A few months back I launched my self-hosted blog on this site with a post on the process. I ended that post discussing the points of friction in using gatsby-theme-blog
and vowed to work with the Themes Team to improve some of the rough edges.
As it turns out, some things changed between then and now. Most significantly I joined the themes team and decided to roll up my sleeves and solve these challenges myself!
Despite writing the code, updating the docs and producing a blog post for the release on gatsbyjs.org I figured one more post couldn't hurt.
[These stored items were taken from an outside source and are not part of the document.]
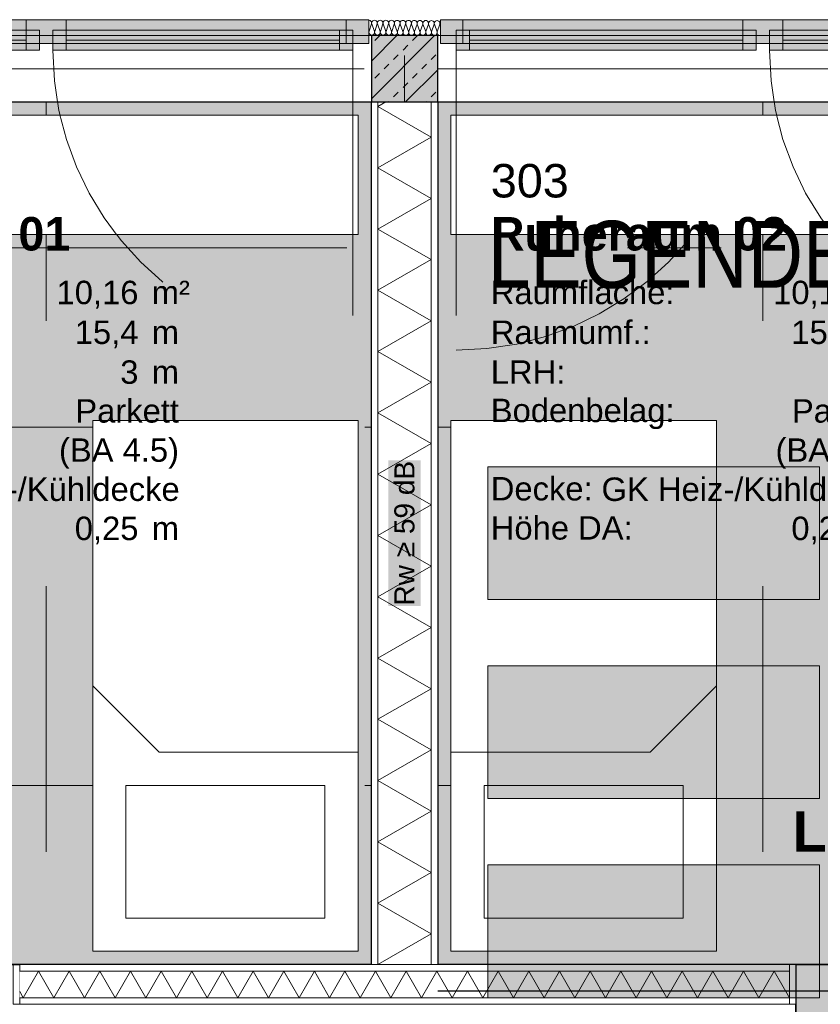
# Model space of a CAD drawing. Header units: metres. Extents: x -49 to 152, y -127 to 99.
# Tile 124 of 177: x -14.95 to -11.93, y -3.52 to 0.19. Entities that reach past the tile are written whole.
import ezdxf
from ezdxf.enums import TextEntityAlignment as Align

# ---------------------------------------------------------------- set-up
doc = ezdxf.new("R2010")
doc.units = ezdxf.units.M
doc.header["$PDMODE"] = 1
doc.header["$PDSIZE"] = -2
for name, pattern in [('Achsen 01', [5.291531, 3.175, -1.058062, 0.352704, -0.705764]), ('gestrichelt - 01', [2, 1, -1]), ('ISO-07 Punktiert', [0.889, 0.127, -0.762]), ('Raster 01', [2, 1, -1]), ('VW-01 Strichlinie kurz', [2, 1, -1])]:
    doc.linetypes.add(name, pattern=pattern)
doc.layers.get('0').update_dxf_attribs({"lineweight": 25})
for name, color, linetype, lineweight, true_color in [('013_Beton und Stahlbetonarbeiten-000 Brüstung', 7, 'Continuous', 9, 0xa6a6a6), ('013_Beton und Stahlbetonarbeiten-000 Sichtbeton-334 Außenwandöf', 5, 'Continuous', 5, 0x0000ff), ('014_Fassadenarbeiten-330 mineralische Dämmung', 7, 'Continuous', 9, 0x666666), ('027_Tischlerarbeiten-000 Versprung Akustikdecke', 7, 'gestrichelt - 01', 9, 0xa0a0a4), ('031_Metallbauarbeiten-350 Lamellendecke DS', 7, 'Continuous', 35, 0x666666), ('032_Metallarbeiten-Fenster', 7, 'Continuous', 13, 0x444444), ('039_Trockenbauarbeiten-340 Dämmung', 7, 'Continuous', 9, 0xc0c0c0), ('039_Trockenbauarbeiten-350 Deckenspiegel', 7, 'Continuous', 35, 0x008011), ('AV1-Achsen', 1, 'Achsen 01', 18, 0xff0000), ('AV1-Einrichtung', 7, 'Continuous', 9, 0xa6a6a6), ('AV1-Raster', 7, 'Raster 01', 9, 0xa6a6a6)]:
    doc.layers.add(name, color=color, linetype=linetype, lineweight=lineweight, true_color=true_color)
for name, color, linetype, lineweight in [('013_Beton und Stahlbetonarbeiten-000 Unterzüge', 7, 'ISO-07 Punktiert', 13), ('013_Beton und Stahlbetonarbeiten-330 Außenstützen', 7, 'Continuous', 25), ('039_Trockenbauarbeiten-340 Gipskarton', 7, 'Continuous', 9), ('039_Trockenbauarbeiten-alllg.', 7, 'Continuous', 9), ('_1.35m (3D)', 7, 'Continuous', 9), ('_GRU (2D)', 7, 'Continuous', 9), ('_Legende (2D)', 7, 'Continuous', 9), ('_OG 3 (2D)', 7, 'Continuous', 9), ('_OG 3 - DS (2D)', 7, 'Continuous', 9), ('AV1-Akustikvorgaben-Trennwände', 7, 'Continuous', 5), ('AV1-Schnitt Achsen', 7, 'Achsen 01', 18), ('AV1-Stempel-Raumstempel', 7, 'Continuous', 9), ('Bemaßung-Bemaßung', 7, 'Continuous', 9), ('Keine', 7, 'Continuous', 9)]:
    doc.layers.add(name, color=color, linetype=linetype, lineweight=lineweight)
doc.layers.get('0').freeze()
doc.styles.add('Arial', font='arial.ttf')
doc.styles.add('Arial (bold)', font='arialbd.ttf')
doc.styles.add('Arial Narrow', font='ARIALN.TTF')
doc.dimstyles.new('COE 50', dxfattribs={"dimtxt": 100.872396, "dimasz": 0.001414, "dimexe": 0.001, "dimexo": 0.01, "dimgap": 0.001, "dimtad": 1, "dimdec": 3, "dimtxsty": 'Arial', "dimblk": 'VW_SLASH-3', "dimblk1": 'VW_SLASH-3', "dimblk2": 'VW_SLASH-3', "dimcen": 0, "dimadec": 3, "dimazin": 0, "dimtfac": 0.8, "dimtdec": 3, "dimtix": 1, "dimtmove": 0, "dimatfit": 0, "dimldrblk": 'VW_SLASH-2', "dimfxl": 0.002, "dimfxlon": 1, "dimfrac": 2, "dimtolj": 1, "dimarcsym": 0})

# ---------------------------------------------------------------- blocks, each defined once
blk = doc.blocks.new('Group-4')
at = {"layer": 'AV1-Raster'}
for p, q in [((-14.85, -22.95), (-14.85, 1.35)), ((-13.5, -22.95), (-13.5, 1.35)), ((-12.15, -22.95), (-12.15, 1.35)), ((1.35, -1.35), (-40.5, -1.35)), ((1.35, -2.7), (-40.5, -2.7))]:
    blk.add_line(p, q, dxfattribs=at)
blk = doc.blocks.new('1.35m (3D)')
at = {"layer": 'AV1-Raster', "color": 7}
blk.add_blockref('Group-4', (0, 0), dxfattribs=at)
blk = doc.blocks.new('OG 3 - DS (2D)')
at = {"layer": '031_Metallbauarbeiten-350 Lamellendecke DS', "linetype": 'Continuous', "lineweight": 0, "transparency": 33554483}
for points in [[(-13.625, -0.125), (-16.075, -0.125), (-16.075, -3.375), (-13.625, -3.375)], [(-13.375, -3.375), (-10.925, -3.375), (-10.925, -0.125), (-13.375, -0.125)], [(-10.925, -3.375), (-12.025, -3.375), (-12.025, -5.275), (-10.925, -5.275)]]:
    blk.add_hatch(color=55, dxfattribs=at).paths.add_polyline_path(points)
at = {"layer": '039_Trockenbauarbeiten-350 Deckenspiegel', "linetype": 'Continuous', "lineweight": 0, "transparency": 33554508}
for points in [[(-16.075, -0.125), (-13.625, -0.125), (-13.625, -3.375), (-16.075, -3.375)], [(-13.375, -0.125), (-10.925, -0.125), (-10.925, -3.375), (-13.375, -3.375)]]:
    blk.add_hatch(color=2, dxfattribs=at).paths.add_polyline_path(points)
at = {"layer": '039_Trockenbauarbeiten-350 Deckenspiegel', "linetype": 'Continuous', "lineweight": 0, "transparency": 33554483}
blk.add_hatch(color=106, dxfattribs=at).paths.add_polyline_path([(-12.025, -3.375), (-10.925, -3.375), (-10.925, -5.275), (-12.025, -5.275)])
at = {"layer": '031_Metallbauarbeiten-350 Lamellendecke DS', "color": 251, "linetype": 'Continuous', "lineweight": 35, "transparency": 33554687, "flags": 128}
for points in [[(-13.625, -0.125), (-16.075, -0.125), (-16.075, -3.375), (-13.625, -3.375)], [(-13.375, -3.375), (-10.925, -3.375), (-10.925, -0.125), (-13.375, -0.125)], [(-10.925, -3.375), (-12.025, -3.375), (-12.025, -5.275), (-10.925, -5.275)]]:
    blk.add_lwpolyline(points, close=True, dxfattribs=at)
at = {"layer": '039_Trockenbauarbeiten-350 Deckenspiegel', "color": 251, "linetype": 'Continuous', "lineweight": 35, "transparency": 33554687, "flags": 128}
for points in [[(-16.075, -0.125), (-13.625, -0.125), (-13.625, -3.375), (-16.075, -3.375)], [(-13.375, -0.125), (-10.925, -0.125), (-10.925, -3.375), (-13.375, -3.375)]]:
    blk.add_lwpolyline(points, close=True, dxfattribs=at)
at = {"layer": '039_Trockenbauarbeiten-350 Deckenspiegel', "flags": 128}
blk.add_lwpolyline([(-12.025, -3.375), (-10.925, -3.375), (-10.925, -5.275), (-12.025, -5.275)], close=True, dxfattribs=at)
at = {"layer": '039_Trockenbauarbeiten-350 Deckenspiegel', "insert": (-11.5211, -3.0131), "char_height": 0.15131, "attachment_point": 5, "line_spacing_factor": 0.969122, "style": 'Arial (bold)'}
blk.add_mtext('LH Decke: \\P0,185m', dxfattribs=at)
blk = doc.blocks.new('Group-175')
at = {"color": 255, "transparency": 33554559}
for points in [[(-16.025, -0.175), (-13.675, -0.175), (-13.675, -0.625), (-16.025, -0.625)], [(-14.675, -1.325), (-13.675, -1.325), (-13.675, -3.325), (-14.675, -3.325)]]:
    blk.add_wipeout(points, dxfattribs=at).dxf.layer = 'AV1-Einrichtung'
at = {"layer": 'AV1-Einrichtung', "flags": 128}
for points in [[(-16.025, -0.175), (-13.675, -0.175), (-13.675, -0.625), (-16.025, -0.625)], [(-14.675, -1.325), (-13.675, -1.325), (-13.675, -3.325), (-14.675, -3.325)]]:
    blk.add_lwpolyline(points, close=True, dxfattribs=at)
at = {"color": 255, "transparency": 33554559}
for points in [[(-13.675, -2.575), (-14.425, -2.575), (-14.675, -2.325), (-14.675, -1.325), (-13.675, -1.325)], [(-14.55, -2.7), (-13.8, -2.7), (-13.8, -3.2), (-14.55, -3.2)]]:
    blk.add_wipeout(points, dxfattribs=at).dxf.layer = 'AV1-Einrichtung'
at = {"layer": 'AV1-Einrichtung', "flags": 128}
for points in [[(-13.675, -2.575), (-14.425, -2.575), (-14.675, -2.325), (-14.675, -1.325), (-13.675, -1.325)], [(-14.55, -2.7), (-13.8, -2.7), (-13.8, -3.2), (-14.55, -3.2)]]:
    blk.add_lwpolyline(points, close=True, dxfattribs=at)
blk = doc.blocks.new('Group-176')
at = {"color": 255, "transparency": 33554559}
for points in [[(-13.325, -0.175), (-10.975, -0.175), (-10.975, -0.625), (-13.325, -0.625)], [(-13.325, -1.325), (-12.325, -1.325), (-12.325, -3.325), (-13.325, -3.325)]]:
    blk.add_wipeout(points, dxfattribs=at).dxf.layer = 'AV1-Einrichtung'
at = {"layer": 'AV1-Einrichtung', "flags": 128}
for points in [[(-13.325, -0.175), (-10.975, -0.175), (-10.975, -0.625), (-13.325, -0.625)], [(-13.325, -1.325), (-12.325, -1.325), (-12.325, -3.325), (-13.325, -3.325)]]:
    blk.add_lwpolyline(points, close=True, dxfattribs=at)
at = {"color": 255, "transparency": 33554559}
for points in [[(-13.325, -2.575), (-12.575, -2.575), (-12.325, -2.325), (-12.325, -1.325), (-13.325, -1.325)], [(-13.2, -2.7), (-12.45, -2.7), (-12.45, -3.2), (-13.2, -3.2)]]:
    blk.add_wipeout(points, dxfattribs=at).dxf.layer = 'AV1-Einrichtung'
at = {"layer": 'AV1-Einrichtung', "flags": 128}
for points in [[(-13.325, -2.575), (-12.575, -2.575), (-12.325, -2.325), (-12.325, -1.325), (-13.325, -1.325)], [(-13.2, -2.7), (-12.45, -2.7), (-12.45, -3.2), (-13.2, -3.2)]]:
    blk.add_lwpolyline(points, close=True, dxfattribs=at)
blk = doc.blocks.new('Group-294')
at = {"color": 255, "linetype": 'Continuous', "lineweight": 5}
blk.add_wipeout([(-3.375, 13.4), (-0.125, 13.4), (-0.125, 13.6), (-3.375, 13.6)], dxfattribs=at).dxf.layer = '039_Trockenbauarbeiten-340 Dämmung'
blk = doc.blocks.new('Group-295')
at = {"layer": '039_Trockenbauarbeiten-340 Dämmung', "transparency": 33554687, "flags": 128}
blk.add_lwpolyline([(-3.375, 13.6), (-3.2595, 13.4), (-3.1441, 13.6), (-3.0286, 13.4), (-2.9131, 13.6), (-2.7976, 13.4), (-2.6822, 13.6), (-2.5667, 13.4), (-2.4512, 13.6), (-2.3358, 13.4), (-2.2203, 13.6), (-2.1048, 13.4), (-1.9894, 13.6), (-1.8739, 13.4), (-1.7584, 13.6), (-1.6429, 13.4), (-1.5275, 13.6), (-1.412, 13.4), (-1.2965, 13.6), (-1.1811, 13.4), (-1.0656, 13.6), (-0.9501, 13.4), (-0.8347, 13.6), (-0.7192, 13.4), (-0.6037, 13.6), (-0.4882, 13.4), (-0.3728, 13.6), (-0.2573, 13.4), (-0.1418, 13.6), (-0.125, 13.5708)], dxfattribs=at)
blk = doc.blocks.new('Group-296')
at = {"layer": '039_Trockenbauarbeiten-340 Dämmung'}
blk.add_blockref('Group-294', (0, 0), dxfattribs=at)
at = {"layer": '039_Trockenbauarbeiten-340 Dämmung', "transparency": 33554687}
blk.add_blockref('Group-295', (0, 0), dxfattribs=at)
blk = doc.blocks.new('Parametric Object-42')
at = {"layer": '039_Trockenbauarbeiten-340 Dämmung', "color": 7, "transparency": 33554687}
blk.add_blockref('Group-296', (0, 0), dxfattribs=at)
at = {"layer": '039_Trockenbauarbeiten-340 Dämmung', "color": 0, "flags": 1}
for tag in ['IFC_UUID', 'instanceID', 'prm0_name', 'prm0_type', 'prm0_value', 'prm1_name', 'prm1_type', 'prm1_value', 'prm2_name', 'prm2_type', 'prm2_value', 'prm3_name', 'prm3_type', 'prm3_value', 'prm4_name', 'prm4_type', 'prm4_value', 'prm5_name', 'prm5_type', 'prm5_value', 'prm6_name', 'prm6_type', 'prm6_value']:
    blk.add_attdef(tag, (-13.6, -3.375), '', height=0.00018, dxfattribs=at)
blk = doc.blocks.new('VW_SLASH-3')
at = {"color": 0, "linetype": 'ByBlock', "lineweight": -2, "transparency": 16777216}
blk.add_line((0, 0), (-1, 0), dxfattribs=at)
at = {"color": 0, "linetype": 'Continuous', "lineweight": 15, "transparency": 16777216, "flags": 128}
blk.add_lwpolyline([(0.5, 0.5), (-0.5, -0.5)], dxfattribs=at)
blk = doc.blocks.new('*D675')
at = {"layer": 'Bemaßung-Bemaßung', "color": 0, "lineweight": -2}
for p, q in [((-16.075, 2.075), (-16.075, 2.225)), ((-13.375, 2.075), (-13.375, 2.225)), ((-13.4457, 2.175), (-16.0043, 2.175))]:
    blk.add_line(p, q, dxfattribs=at)
at = {"layer": 'Defpoints', "color": 0}
for p in [(-16.075, 2.175), (-16.075, -0.125), (-13.375, -0.125)]:
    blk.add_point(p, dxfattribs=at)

The focus here is on how I migrated this site and specifically addressed the notes from my initial experience.
Upgrading
I won't spend too much time on this because it's written elsewhere. Specifically, the migration notes in the README.
Styles
To be perfectly transparent I didn't really follow my own advice. I upgraded to 2.0 despite not wanting to change the look of my blog. That meant re-implementing typography. However, I look forward to the flexibility that gives me for a re-design going forward.
I also opted to continue using the default preset styles with my minimal overrides. I'd figured out how to work with them in a way I enjoyed. But it's nice to know that I now have the option to turn them off.
{resolve: `gatsby-theme-blog`,options: {basePath: `/posts`,preset: false},},
Accessibility
The most significant piece of the migration was working with the new SkipNav feature. Thanks to awesome work by the larger Gatsby Team gatsby-theme-blog
now includes a major accessibility feature for navigation. It's built into the layout of each post and the header.
In my case, I override the header of each blog post and my blog sits in a larger site outside of the theme. That meant adding SkipNav
manually in addition to what the theme shipped. There is a great example repo from Madalyn that shows how to do this.
Adding Features
Images
With a working site I was able to make use of all the new features! The big one was featured images that also act as social images. This post is using a local image file, but I could make use of an external URL which is pretty cool.
Prism
One of the other points of friction was wanting to use a prism preset without having to design my own. Lucky for me, it's now built it in!
{resolve: `gatsby-theme-blog`,options: {basePath: `/posts`,prismPreset: `prism-okaidia`},},
The other nice Prism feature is actually highlighted (get it!) above. The theme now supports line highlighting in code snippets! Really excited to use this moving forward.
What's Next?
Last time I talked about the points of friction and things I wanted to see. I'm pretty excited by what we've done so I'm looking forward to getting input from other voices.
In the process of releasing this we've written A LOT of docs. I look forward to watching everyone play around with the Blog Theme and make it their own.